Se puede disfrutar de la Navidad sin gastar

La navidad, época de unión, amor, perdón, cercanía, mucha comida, en algunas familias alcohol, arbolitos llenos de luces y los famosos regalos navideños. Nada de esto debe faltar para sentirnos que estamos en navidad.

Algo muy cultural, muy anglosajón, muy del mundo del consumo.

Resulta que existe otra cara de la moneda, la navidad puede disfrutarse sin tantos gastos, ¿Cómo?, preguntarían ustedes. No he dicho que fuera fácil, sino que se podía.

Lo primero: la unión. Para estar juntos necesitamos gastar, pero no exageradamente. La comida la adaptamos a nuestro presupuesto y que todos aportemos, arbolitos llenos de luces bueno, aprendamos a prender las luces por ratos especiales.

El consumo es opcional, no podemos gastar más de lo que tenemos presupuestado porque tendremos un enero muy, muy difícil. He tenido casos en que la de deuda llega a ser saldada en abril del siguiente año, algo nada justo para usted ni su familia.

Es imperativo aprender a decir No a lo que no podemos hacer. No se puede bailar en todas las fiestas.

Aprendamos a decir no a gastos innecesarios. Nuestras prioridades deben estar muy claras, el pago del colegio de los niños, que ahora es en los primeros meses del año, debe ser una prioridad, enfermedades, medicinas, mantenernos saludables.

Nuestra paz mental y espiritual debe pesar más que “quedar bien”. Precisamente esto de quedar bien es lo que acaba con nuestra tranquilidad en los días navideños y en los posteriores.

Pregúntese: ¿por qué estoy tratando de impresionar? Lo más seguro su respuesta se remonte años atrás, cuando necesitaba una aprobación clara de sus acciones.

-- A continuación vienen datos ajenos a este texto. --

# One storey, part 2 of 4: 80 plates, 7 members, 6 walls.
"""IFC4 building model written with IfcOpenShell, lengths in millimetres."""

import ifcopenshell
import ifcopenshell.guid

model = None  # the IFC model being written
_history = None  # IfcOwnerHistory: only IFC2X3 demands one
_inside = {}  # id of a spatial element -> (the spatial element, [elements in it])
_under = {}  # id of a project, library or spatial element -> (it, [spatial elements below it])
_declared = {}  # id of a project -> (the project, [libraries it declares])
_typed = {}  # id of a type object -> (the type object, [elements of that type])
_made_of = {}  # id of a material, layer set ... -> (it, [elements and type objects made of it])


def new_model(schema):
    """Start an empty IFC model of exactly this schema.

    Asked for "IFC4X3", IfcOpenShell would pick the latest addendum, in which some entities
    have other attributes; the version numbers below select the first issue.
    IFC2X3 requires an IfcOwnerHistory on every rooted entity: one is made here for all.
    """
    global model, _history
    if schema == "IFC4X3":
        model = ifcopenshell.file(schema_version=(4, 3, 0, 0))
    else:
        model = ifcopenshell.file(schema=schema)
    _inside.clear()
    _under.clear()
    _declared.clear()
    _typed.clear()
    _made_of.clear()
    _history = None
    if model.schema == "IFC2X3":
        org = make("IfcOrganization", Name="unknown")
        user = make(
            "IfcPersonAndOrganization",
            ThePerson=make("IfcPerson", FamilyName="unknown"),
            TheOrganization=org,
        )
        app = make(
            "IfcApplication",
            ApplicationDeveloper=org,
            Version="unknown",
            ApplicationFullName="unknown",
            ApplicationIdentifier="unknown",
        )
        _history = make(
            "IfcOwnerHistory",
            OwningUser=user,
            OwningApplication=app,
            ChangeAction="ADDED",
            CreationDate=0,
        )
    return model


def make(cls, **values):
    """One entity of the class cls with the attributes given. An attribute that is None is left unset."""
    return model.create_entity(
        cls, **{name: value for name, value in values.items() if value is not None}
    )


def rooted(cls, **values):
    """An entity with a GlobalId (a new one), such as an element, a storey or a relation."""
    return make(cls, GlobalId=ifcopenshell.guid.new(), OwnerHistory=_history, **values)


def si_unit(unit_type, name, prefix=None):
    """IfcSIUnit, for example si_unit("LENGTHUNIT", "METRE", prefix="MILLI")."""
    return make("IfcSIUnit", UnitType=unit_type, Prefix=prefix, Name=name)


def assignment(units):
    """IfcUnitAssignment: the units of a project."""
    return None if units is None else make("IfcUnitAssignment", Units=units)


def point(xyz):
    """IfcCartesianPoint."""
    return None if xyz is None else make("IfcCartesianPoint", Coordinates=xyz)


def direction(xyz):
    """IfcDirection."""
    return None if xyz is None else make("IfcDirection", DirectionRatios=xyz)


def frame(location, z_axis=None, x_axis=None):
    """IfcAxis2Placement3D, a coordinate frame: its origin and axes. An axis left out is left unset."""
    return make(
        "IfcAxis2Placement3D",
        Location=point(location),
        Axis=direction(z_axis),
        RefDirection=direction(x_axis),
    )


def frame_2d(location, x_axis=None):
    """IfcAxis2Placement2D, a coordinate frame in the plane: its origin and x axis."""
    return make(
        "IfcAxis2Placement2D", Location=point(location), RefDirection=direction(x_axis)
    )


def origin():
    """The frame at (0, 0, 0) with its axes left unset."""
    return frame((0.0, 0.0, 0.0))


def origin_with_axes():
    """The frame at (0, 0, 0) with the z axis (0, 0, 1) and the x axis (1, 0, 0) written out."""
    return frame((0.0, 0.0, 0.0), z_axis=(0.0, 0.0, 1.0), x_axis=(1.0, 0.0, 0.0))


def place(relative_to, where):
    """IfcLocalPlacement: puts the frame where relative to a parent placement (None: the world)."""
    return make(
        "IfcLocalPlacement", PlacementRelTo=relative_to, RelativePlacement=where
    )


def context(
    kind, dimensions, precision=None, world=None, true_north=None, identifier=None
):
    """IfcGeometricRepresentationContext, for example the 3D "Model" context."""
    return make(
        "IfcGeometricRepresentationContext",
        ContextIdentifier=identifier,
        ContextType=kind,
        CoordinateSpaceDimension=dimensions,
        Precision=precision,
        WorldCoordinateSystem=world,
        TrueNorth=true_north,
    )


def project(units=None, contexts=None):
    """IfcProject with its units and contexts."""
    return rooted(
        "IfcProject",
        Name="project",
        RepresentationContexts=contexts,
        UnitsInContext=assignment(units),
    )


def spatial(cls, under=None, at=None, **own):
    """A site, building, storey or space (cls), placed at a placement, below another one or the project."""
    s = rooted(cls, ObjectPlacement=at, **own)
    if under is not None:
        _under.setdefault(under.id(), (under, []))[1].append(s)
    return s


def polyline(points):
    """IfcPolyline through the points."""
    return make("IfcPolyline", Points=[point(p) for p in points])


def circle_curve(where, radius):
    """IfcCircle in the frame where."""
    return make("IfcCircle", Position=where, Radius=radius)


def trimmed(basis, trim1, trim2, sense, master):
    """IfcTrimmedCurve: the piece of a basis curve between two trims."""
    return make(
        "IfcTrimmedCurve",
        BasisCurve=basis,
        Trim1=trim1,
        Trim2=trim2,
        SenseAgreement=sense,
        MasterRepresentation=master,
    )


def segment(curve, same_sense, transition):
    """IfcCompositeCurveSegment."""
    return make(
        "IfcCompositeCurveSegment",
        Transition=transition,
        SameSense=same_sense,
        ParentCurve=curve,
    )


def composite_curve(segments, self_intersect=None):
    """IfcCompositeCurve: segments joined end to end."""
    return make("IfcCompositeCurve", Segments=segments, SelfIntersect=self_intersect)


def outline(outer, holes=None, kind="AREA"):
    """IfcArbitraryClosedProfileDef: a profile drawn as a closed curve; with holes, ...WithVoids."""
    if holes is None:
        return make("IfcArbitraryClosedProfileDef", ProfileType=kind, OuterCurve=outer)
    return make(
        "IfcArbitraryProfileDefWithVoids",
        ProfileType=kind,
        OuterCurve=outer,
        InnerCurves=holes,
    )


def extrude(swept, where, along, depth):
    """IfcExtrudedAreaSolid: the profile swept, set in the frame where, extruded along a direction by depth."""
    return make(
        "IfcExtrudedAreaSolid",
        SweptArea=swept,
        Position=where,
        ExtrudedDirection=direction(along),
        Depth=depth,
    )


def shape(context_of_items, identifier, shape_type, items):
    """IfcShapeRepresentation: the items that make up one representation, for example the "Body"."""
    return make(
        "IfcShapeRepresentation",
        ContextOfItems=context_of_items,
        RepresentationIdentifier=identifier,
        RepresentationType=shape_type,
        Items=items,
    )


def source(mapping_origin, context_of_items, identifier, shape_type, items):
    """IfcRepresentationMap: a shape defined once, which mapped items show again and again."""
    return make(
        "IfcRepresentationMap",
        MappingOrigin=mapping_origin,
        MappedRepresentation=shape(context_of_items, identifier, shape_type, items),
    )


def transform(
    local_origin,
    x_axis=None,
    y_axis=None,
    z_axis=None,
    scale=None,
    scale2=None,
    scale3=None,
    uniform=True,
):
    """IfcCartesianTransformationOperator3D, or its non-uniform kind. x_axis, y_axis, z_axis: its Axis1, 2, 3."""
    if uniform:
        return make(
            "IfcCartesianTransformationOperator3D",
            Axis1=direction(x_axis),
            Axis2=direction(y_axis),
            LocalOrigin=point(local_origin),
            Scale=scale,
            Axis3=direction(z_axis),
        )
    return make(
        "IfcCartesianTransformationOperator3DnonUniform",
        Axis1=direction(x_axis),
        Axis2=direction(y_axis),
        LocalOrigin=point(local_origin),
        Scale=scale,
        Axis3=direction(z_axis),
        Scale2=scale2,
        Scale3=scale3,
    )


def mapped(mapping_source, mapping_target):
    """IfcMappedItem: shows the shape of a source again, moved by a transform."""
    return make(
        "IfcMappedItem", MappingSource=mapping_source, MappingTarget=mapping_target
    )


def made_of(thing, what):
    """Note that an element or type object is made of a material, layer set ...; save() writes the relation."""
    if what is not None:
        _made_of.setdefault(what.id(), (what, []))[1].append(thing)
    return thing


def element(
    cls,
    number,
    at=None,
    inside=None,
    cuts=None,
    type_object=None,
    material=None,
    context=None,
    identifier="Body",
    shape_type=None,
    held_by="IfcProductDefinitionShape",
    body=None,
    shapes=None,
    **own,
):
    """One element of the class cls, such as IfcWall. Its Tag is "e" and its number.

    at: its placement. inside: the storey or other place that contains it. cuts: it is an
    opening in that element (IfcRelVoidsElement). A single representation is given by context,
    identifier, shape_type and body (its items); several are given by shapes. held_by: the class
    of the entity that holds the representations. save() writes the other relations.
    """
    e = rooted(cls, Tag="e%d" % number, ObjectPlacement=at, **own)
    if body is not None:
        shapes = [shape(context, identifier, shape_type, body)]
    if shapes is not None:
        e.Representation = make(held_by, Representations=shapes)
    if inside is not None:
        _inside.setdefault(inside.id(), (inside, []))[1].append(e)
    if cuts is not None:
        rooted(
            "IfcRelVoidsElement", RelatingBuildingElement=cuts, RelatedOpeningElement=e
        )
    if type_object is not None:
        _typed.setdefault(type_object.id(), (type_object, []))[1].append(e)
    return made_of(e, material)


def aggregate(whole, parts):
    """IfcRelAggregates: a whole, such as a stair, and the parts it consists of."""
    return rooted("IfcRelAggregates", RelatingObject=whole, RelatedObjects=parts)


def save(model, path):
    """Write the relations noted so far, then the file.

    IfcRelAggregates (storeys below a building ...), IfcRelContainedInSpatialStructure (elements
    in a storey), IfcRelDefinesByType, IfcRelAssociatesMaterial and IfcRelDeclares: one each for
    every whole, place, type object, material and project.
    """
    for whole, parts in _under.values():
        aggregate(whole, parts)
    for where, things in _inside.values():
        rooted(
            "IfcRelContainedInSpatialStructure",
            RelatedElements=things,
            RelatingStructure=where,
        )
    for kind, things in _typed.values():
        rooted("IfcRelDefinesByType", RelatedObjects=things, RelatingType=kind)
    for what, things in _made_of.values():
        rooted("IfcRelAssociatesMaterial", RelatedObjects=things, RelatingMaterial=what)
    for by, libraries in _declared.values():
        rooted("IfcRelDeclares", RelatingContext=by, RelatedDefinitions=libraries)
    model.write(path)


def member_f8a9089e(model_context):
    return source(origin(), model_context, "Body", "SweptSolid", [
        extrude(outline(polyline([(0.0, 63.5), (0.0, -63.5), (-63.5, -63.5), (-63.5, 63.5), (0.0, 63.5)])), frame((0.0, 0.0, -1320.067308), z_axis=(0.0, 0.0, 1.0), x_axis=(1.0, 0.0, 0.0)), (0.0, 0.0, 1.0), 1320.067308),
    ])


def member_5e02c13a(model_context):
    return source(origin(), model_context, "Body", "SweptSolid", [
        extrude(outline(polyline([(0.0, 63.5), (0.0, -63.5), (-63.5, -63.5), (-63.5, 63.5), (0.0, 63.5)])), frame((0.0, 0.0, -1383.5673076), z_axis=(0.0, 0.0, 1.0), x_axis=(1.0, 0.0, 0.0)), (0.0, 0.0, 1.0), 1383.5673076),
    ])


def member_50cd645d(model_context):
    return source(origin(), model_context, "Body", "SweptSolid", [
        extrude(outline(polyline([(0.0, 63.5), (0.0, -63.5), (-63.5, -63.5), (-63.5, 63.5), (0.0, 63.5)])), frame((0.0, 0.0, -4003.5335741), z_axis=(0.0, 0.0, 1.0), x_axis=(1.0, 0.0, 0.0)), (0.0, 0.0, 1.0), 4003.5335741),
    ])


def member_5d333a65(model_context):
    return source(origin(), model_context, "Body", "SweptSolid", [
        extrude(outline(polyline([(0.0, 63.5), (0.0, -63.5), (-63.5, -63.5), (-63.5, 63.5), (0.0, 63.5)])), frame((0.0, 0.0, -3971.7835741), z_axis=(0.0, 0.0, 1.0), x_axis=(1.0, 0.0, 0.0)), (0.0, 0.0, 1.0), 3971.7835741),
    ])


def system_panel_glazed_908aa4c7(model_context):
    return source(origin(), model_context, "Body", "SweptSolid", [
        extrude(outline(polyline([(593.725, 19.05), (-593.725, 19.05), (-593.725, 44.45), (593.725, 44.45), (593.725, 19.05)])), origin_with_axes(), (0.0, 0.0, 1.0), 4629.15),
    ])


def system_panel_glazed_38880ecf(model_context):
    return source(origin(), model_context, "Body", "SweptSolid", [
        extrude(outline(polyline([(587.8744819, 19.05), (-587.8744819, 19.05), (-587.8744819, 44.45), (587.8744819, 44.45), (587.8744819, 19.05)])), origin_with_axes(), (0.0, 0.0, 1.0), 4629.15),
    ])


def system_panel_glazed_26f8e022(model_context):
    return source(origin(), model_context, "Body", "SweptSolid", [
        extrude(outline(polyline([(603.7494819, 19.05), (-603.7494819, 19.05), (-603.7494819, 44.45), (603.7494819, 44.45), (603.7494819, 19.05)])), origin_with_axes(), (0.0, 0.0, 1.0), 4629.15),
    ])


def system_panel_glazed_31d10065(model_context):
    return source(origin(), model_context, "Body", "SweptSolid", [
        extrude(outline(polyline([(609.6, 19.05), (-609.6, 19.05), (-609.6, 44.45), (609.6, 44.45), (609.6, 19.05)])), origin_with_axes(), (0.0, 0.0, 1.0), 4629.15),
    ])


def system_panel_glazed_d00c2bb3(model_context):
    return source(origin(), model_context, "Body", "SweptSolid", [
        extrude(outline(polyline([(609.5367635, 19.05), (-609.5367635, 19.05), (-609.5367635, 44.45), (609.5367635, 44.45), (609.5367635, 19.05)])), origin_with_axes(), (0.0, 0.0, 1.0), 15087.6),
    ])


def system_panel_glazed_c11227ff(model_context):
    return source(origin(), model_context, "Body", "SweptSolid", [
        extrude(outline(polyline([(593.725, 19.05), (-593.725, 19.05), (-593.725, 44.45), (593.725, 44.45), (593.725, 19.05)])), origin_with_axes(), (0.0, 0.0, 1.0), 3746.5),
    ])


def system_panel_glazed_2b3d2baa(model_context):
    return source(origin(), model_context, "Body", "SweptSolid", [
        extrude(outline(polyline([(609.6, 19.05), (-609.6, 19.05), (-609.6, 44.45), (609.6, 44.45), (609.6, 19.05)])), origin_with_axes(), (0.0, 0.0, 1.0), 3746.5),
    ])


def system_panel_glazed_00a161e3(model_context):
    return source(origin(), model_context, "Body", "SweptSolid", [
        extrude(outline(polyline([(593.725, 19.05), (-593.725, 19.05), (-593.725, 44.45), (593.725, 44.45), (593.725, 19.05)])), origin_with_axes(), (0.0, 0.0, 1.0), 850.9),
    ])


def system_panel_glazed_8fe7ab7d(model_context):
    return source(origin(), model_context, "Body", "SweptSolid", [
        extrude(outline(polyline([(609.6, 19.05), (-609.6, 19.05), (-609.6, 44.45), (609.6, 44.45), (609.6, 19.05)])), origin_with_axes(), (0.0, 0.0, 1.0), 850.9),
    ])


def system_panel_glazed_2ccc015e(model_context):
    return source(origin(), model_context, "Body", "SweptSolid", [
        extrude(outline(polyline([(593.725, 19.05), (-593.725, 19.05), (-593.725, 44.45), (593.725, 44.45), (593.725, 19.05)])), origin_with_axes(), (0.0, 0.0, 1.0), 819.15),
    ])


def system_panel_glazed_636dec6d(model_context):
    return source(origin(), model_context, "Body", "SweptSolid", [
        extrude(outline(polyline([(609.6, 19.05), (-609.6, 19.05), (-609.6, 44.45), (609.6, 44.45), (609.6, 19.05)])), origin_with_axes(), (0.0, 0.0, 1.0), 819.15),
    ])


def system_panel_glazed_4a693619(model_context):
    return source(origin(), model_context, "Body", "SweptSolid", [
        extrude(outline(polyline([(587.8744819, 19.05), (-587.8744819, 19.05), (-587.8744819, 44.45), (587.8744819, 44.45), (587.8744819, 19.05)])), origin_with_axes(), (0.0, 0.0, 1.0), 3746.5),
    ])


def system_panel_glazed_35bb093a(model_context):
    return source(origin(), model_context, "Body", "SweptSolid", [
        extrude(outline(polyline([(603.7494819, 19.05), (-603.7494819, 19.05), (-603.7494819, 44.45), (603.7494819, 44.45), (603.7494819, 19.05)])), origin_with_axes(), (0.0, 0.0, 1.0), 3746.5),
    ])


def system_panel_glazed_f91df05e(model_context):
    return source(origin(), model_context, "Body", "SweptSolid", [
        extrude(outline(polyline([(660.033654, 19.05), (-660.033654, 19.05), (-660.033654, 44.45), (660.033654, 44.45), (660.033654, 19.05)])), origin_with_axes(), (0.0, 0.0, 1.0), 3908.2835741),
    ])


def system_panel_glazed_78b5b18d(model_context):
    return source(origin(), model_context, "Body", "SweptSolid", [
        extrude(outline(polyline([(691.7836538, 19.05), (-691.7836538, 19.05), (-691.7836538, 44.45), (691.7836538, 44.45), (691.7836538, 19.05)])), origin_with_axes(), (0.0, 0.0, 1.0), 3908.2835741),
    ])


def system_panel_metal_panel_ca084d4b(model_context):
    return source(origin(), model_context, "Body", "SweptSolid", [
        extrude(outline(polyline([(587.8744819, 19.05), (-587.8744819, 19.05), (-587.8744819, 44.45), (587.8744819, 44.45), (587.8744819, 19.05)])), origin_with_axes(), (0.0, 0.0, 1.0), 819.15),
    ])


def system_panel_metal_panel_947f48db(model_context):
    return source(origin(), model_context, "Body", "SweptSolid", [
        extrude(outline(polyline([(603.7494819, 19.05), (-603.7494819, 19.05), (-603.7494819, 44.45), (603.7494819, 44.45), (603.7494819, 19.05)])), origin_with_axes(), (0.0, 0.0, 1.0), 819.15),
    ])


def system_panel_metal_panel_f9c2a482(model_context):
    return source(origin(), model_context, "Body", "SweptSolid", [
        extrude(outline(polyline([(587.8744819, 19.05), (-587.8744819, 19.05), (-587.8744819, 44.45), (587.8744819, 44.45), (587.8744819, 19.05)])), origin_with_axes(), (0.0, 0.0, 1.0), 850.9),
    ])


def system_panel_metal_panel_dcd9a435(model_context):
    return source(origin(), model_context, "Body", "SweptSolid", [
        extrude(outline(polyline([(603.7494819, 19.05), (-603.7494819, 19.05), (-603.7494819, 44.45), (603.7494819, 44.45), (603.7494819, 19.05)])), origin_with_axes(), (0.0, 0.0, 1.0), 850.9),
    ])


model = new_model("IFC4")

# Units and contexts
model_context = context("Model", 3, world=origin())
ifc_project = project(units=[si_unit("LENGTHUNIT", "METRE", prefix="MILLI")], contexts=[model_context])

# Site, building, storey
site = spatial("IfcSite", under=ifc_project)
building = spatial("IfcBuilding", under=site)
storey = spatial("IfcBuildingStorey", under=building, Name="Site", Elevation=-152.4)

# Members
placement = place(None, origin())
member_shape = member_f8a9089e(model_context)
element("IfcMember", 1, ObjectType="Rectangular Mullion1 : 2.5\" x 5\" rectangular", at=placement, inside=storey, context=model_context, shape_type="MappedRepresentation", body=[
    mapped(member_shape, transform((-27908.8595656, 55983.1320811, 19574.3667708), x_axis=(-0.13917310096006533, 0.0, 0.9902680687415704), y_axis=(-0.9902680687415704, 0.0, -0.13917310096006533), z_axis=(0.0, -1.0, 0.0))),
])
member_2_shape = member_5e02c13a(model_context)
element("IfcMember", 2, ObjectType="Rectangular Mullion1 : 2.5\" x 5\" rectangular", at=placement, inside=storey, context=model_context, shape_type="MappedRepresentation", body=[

Como padres, ya no necesitamos eso. Lo que sí necesitamos es que nuestros hijos puedan ser felices sin excesos y que ellos aprendan de los sí y los no de los papás y de sus porqués.  

Aunque no lo crean. los niños no suelen ser los que necesitan ver un arbolito navideño lleno de regalos, sino nosotros y nuestro ego. Así que minimicemos nuestro ego, enseñemos a nuestros hijos a valorar las cosas no por su costo, sino por su valor real, adaptémonos a nuestra condición financiera, seamos claros con nosotros mismos y con los demás, y créame, usted y su familia pasarán unas navidades realmente felices.

Lo que su familia, sus hijos y allegados necesitan de usted, es a usted, es su presencia, recuerde esto.